Doh! (cf Roy's picture)
















Thanks PG, I've been too thick to go beyond the home page that I had not "refreshed" for a while, although I've browsed most of the other pages recently... Thanks

Roy, what I meant as inspiration for the RLT6 was the O&W M65. Hands, dial,... I am looking for a watch that I can wear even when playing with the kids, well built, and on a strap preferably. Loved the M65, but at that price I'd be too scared to damage it. So RLT6 could have been the perfect option... except for the quartz...


----------



## Roy (Feb 23, 2003)

There was no real inspiration for the RLT6, most military style dials are alike. I wanted to do something in this price range and wanted to better the CWC dial by having luminous figures as well as dots. The hands are a little wider than the M65 hands and were the best looking on this type of watch.
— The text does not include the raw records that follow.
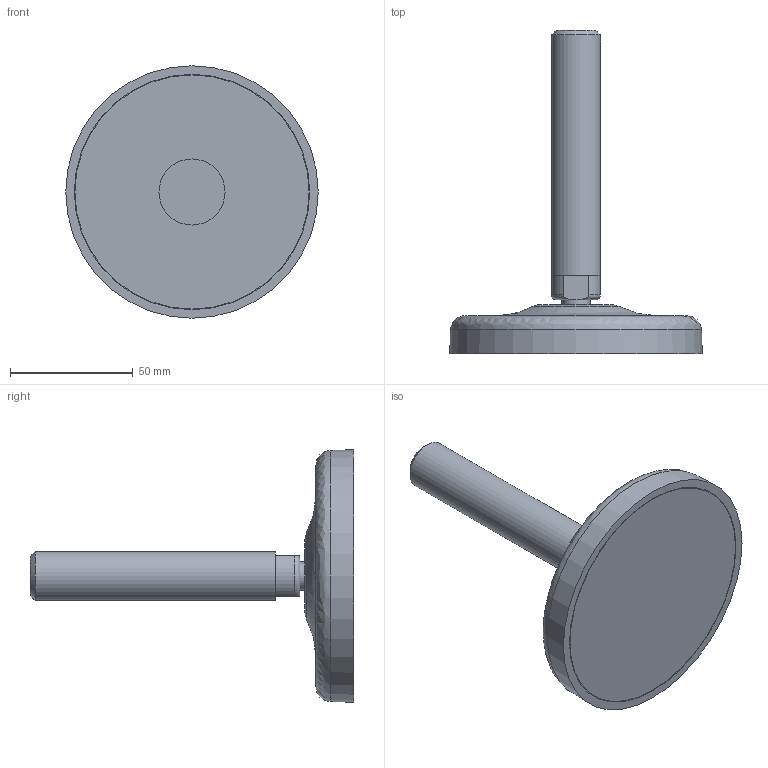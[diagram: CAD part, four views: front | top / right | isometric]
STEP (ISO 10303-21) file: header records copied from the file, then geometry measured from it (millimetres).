
FILE_DESCRIPTION(('STEP AP203'),'2;1');
FILE_NAME('18562.stp','2017-05-03T15:03:47',(''),(''),'2014.1.117','THINKDESIGN','');
FILE_SCHEMA(('CONFIG_CONTROL_DESIGN'));
Length unit declared in the file: millimetre
Bounding box: 103 x 132 x 103 mm (x, y, z)
Volume: 170151.3 mm3; surface area: 45880.9 mm2
Topology: 4 solids, 4 shells, 27 faces, 63 edges, 48 vertices
Faces by surface type: plane 13, bspline 7, cylinder 7
Full cylindrical faces by diameter (mm): 11.5 x1, 20 x1, 27 x1, 95.5 x1, 96 x1
Entity records: 1314 total; most frequent: CARTESIAN_POINT 484, DIRECTION 146, ORIENTED_EDGE 122, AXIS2_PLACEMENT_3D 66, EDGE_CURVE 61, VERTEX_POINT 46, CIRCLE 46, EDGE_LOOP 31
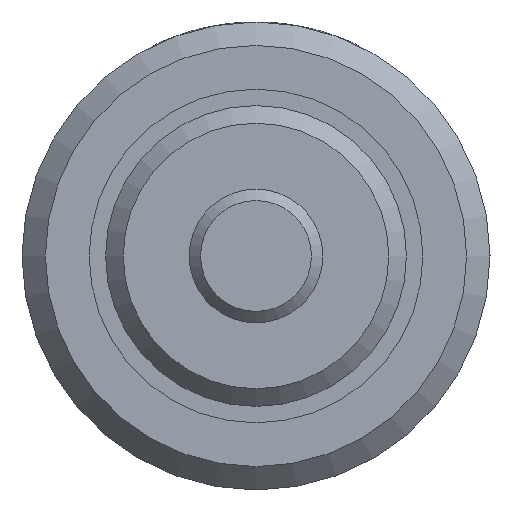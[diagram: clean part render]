
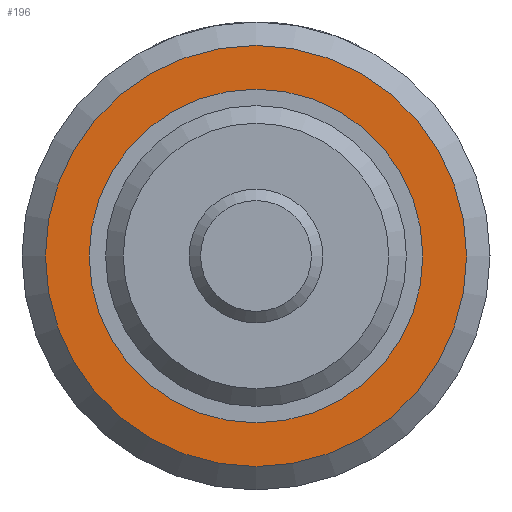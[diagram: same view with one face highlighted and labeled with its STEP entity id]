
A CAD part, left-side view. The second image highlights one B-rep face of the part: STEP entity #196.
In plain terms, the highlighted planar face has unit normal (-1, 0, 0).
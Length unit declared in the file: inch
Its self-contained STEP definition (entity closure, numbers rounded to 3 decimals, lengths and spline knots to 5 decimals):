
#196 = ADVANCED_FACE( '', ( #411, #412 ), #413, .F. );
#411 = FACE_OUTER_BOUND( '', #659, .T. );
#412 = FACE_BOUND( '', #660, .T. );
#413 = PLANE( '', #661 );
#659 = EDGE_LOOP( '', ( #995 ) );
#660 = EDGE_LOOP( '', ( #996 ) );
#661 = AXIS2_PLACEMENT_3D( '', #997, #998, #999 );
#995 = ORIENTED_EDGE( '', *, *, #1316, .F. );
#996 = ORIENTED_EDGE( '', *, *, #1273, .T. );
#997 = CARTESIAN_POINT( '', ( 0.5, 0.312, 0. ) );
#998 = DIRECTION( '', ( 1., 0., 0. ) );
#999 = DIRECTION( '', ( 0., 0., -1. ) );
#1273 = EDGE_CURVE( '', #1464, #1464, #1465, .T. );
#1316 = EDGE_CURVE( '', #1533, #1533, #1534, .T. );
#1464 = VERTEX_POINT( '', #1801 );
#1465 = CIRCLE( '', #1802, 0.312 );
#1533 = VERTEX_POINT( '', #1903 );
#1534 = CIRCLE( '', #1904, 0.39375 );
#1801 = CARTESIAN_POINT( '', ( 0.5, 0., -0.312 ) );
#1802 = AXIS2_PLACEMENT_3D( '', #2214, #2215, #2216 );
#1903 = CARTESIAN_POINT( '', ( 0.5, 0., -0.39375 ) );
#1904 = AXIS2_PLACEMENT_3D( '', #2286, #2287, #2288 );
#2214 = CARTESIAN_POINT( '', ( 0.5, 0., 0. ) );
#2215 = DIRECTION( '', ( 1., 0., 0. ) );
#2216 = DIRECTION( '', ( 0., 0., -1. ) );
#2286 = CARTESIAN_POINT( '', ( 0.5, 0., 0. ) );
#2287 = DIRECTION( '', ( 1., 0., 0. ) );
#2288 = DIRECTION( '', ( 0., 0., -1. ) );
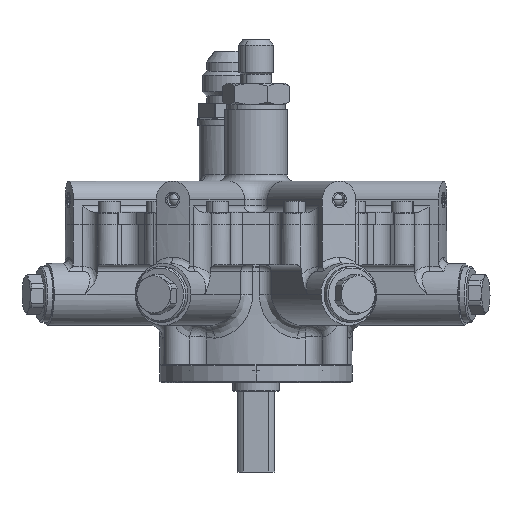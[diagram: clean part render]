
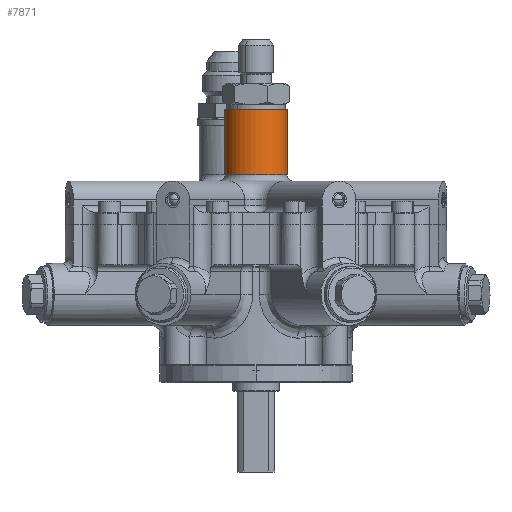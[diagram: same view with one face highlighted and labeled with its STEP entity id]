
A CAD part, front view. The second image highlights one B-rep face of the part: STEP entity #7871.
In plain terms, the highlighted cylindrical face has radius 10 mm (diameter 20 mm), a partial arc.
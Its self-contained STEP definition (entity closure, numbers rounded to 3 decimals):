
#1506 = DIRECTION ( 'NONE',  ( 0., 0., 1. ) ) ;
#2540 = LINE ( 'NONE', #12757, #31728 ) ;
#2995 = ORIENTED_EDGE ( 'NONE', *, *, #27729, .F. ) ;
#4462 = VECTOR ( 'NONE', #23649, 1000. ) ;
#5128 = CARTESIAN_POINT ( 'NONE',  ( 10., 0., 38.5 ) ) ;
#5434 = CARTESIAN_POINT ( 'NONE',  ( 0., 0., 36.5 ) ) ;
#5859 = DIRECTION ( 'NONE',  ( 0., 0., 1. ) ) ;
#6082 = LINE ( 'NONE', #16549, #4462 ) ;
#6750 = CARTESIAN_POINT ( 'NONE',  ( 0., 0., 38.5 ) ) ;
#7871 = ADVANCED_FACE ( 'NONE', ( #36297 ), #16224, .T. ) ;
#9445 = EDGE_CURVE ( 'NONE', #41168, #23790, #14480, .T. ) ;
#12721 = VERTEX_POINT ( 'NONE', #5128 ) ;
#12757 = CARTESIAN_POINT ( 'NONE',  ( 10., 0., 36.5 ) ) ;
#13657 = DIRECTION ( 'NONE',  ( -1., 0., 0. ) ) ;
#13831 = ORIENTED_EDGE ( 'NONE', *, *, #15337, .T. ) ;
#14480 = CIRCLE ( 'NONE', #24210, 10. ) ;
#15337 = EDGE_CURVE ( 'NONE', #12721, #23790, #2540, .T. ) ;
#16224 = CYLINDRICAL_SURFACE ( 'NONE', #18686, 10. ) ;
#16439 = EDGE_CURVE ( 'NONE', #30166, #12721, #32651, .T. ) ;
#16549 = CARTESIAN_POINT ( 'NONE',  ( -10., 0., 36.5 ) ) ;
#18686 = AXIS2_PLACEMENT_3D ( 'NONE', #5434, #5859, #40381 ) ;
#19024 = ORIENTED_EDGE ( 'NONE', *, *, #16439, .T. ) ;
#19506 = EDGE_LOOP ( 'NONE', ( #2995, #19024, #13831, #29998 ) ) ;
#20495 = CARTESIAN_POINT ( 'NONE',  ( 10., 0., 59.5 ) ) ;
#23470 = DIRECTION ( 'NONE',  ( 0., 0., 1. ) ) ;
#23649 = DIRECTION ( 'NONE',  ( 0., 0., 1. ) ) ;
#23790 = VERTEX_POINT ( 'NONE', #20495 ) ;
#24210 = AXIS2_PLACEMENT_3D ( 'NONE', #29293, #1506, #32757 ) ;
#26300 = AXIS2_PLACEMENT_3D ( 'NONE', #6750, #27290, #13657 ) ;
#27290 = DIRECTION ( 'NONE',  ( 0., 0., 1. ) ) ;
#27729 = EDGE_CURVE ( 'NONE', #30166, #41168, #6082, .T. ) ;
#29293 = CARTESIAN_POINT ( 'NONE',  ( 0., 0., 59.5 ) ) ;
#29998 = ORIENTED_EDGE ( 'NONE', *, *, #9445, .F. ) ;
#30166 = VERTEX_POINT ( 'NONE', #34093 ) ;
#31728 = VECTOR ( 'NONE', #23470, 1000. ) ;
#32651 = CIRCLE ( 'NONE', #26300, 10. ) ;
#32757 = DIRECTION ( 'NONE',  ( 1., 0., 0. ) ) ;
#34093 = CARTESIAN_POINT ( 'NONE',  ( -10., 0., 38.5 ) ) ;
#34327 = CARTESIAN_POINT ( 'NONE',  ( -10., 0., 59.5 ) ) ;
#36297 = FACE_OUTER_BOUND ( 'NONE', #19506, .T. ) ;
#40381 = DIRECTION ( 'NONE',  ( 1., 0., 0. ) ) ;
#41168 = VERTEX_POINT ( 'NONE', #34327 ) ;

Pieter, why can't you wear a quartz watch ?


----------



## Roy (Feb 23, 2003)

PG you will have your RLT4 in the morning, will you be sleeping much tonight ?


----------



## pg tips (May 16, 2003)

I haven't been sleeping much since I sent the order in!









I'm on evening's tomorrow (2 til midnight shift) so I'll have all morning to admire it. Hopefully I wil be able to get a picture on forum by lunch time.


----------



## Roy (Feb 23, 2003)

> Hopefully I wil be able to get a picture on forum by lunch time.


Great,


----------



## namaste (May 8, 2003)

PG - I'm coming back from work tomorrow at 3 pm so I'll check to see some pics and first impressions - mayb - no pressure! . I'm trying to take pictures of my watches but they end up too dark so far. When I get it right I'll post some pics of my RLT5 and 4 which I should have by then!!

Roy - Thanks for opening my eyes once again. I love the dial of the RLT6, hadn't noticed the difference in the width of the hands. Shape of hands is one of my favourites, certainly on a military style (not too fond of the hands of the O&W MP. although they look like the hands of military instruments, which seems quite appropriate).

I'm a bit overly sensitive to some stuff: mobile phones, computers, AND watches unless they are mechanical... A mobile phone drives me nuts in a matter of minutes, a watch over a few days. I have a Casio ProTrek with altimeter/barometer-thermometer that I sometimes use when on holiday, but I take it off as soon as I don't need it. Until about 8 years ago I had worn exclusively quartz watches.


----------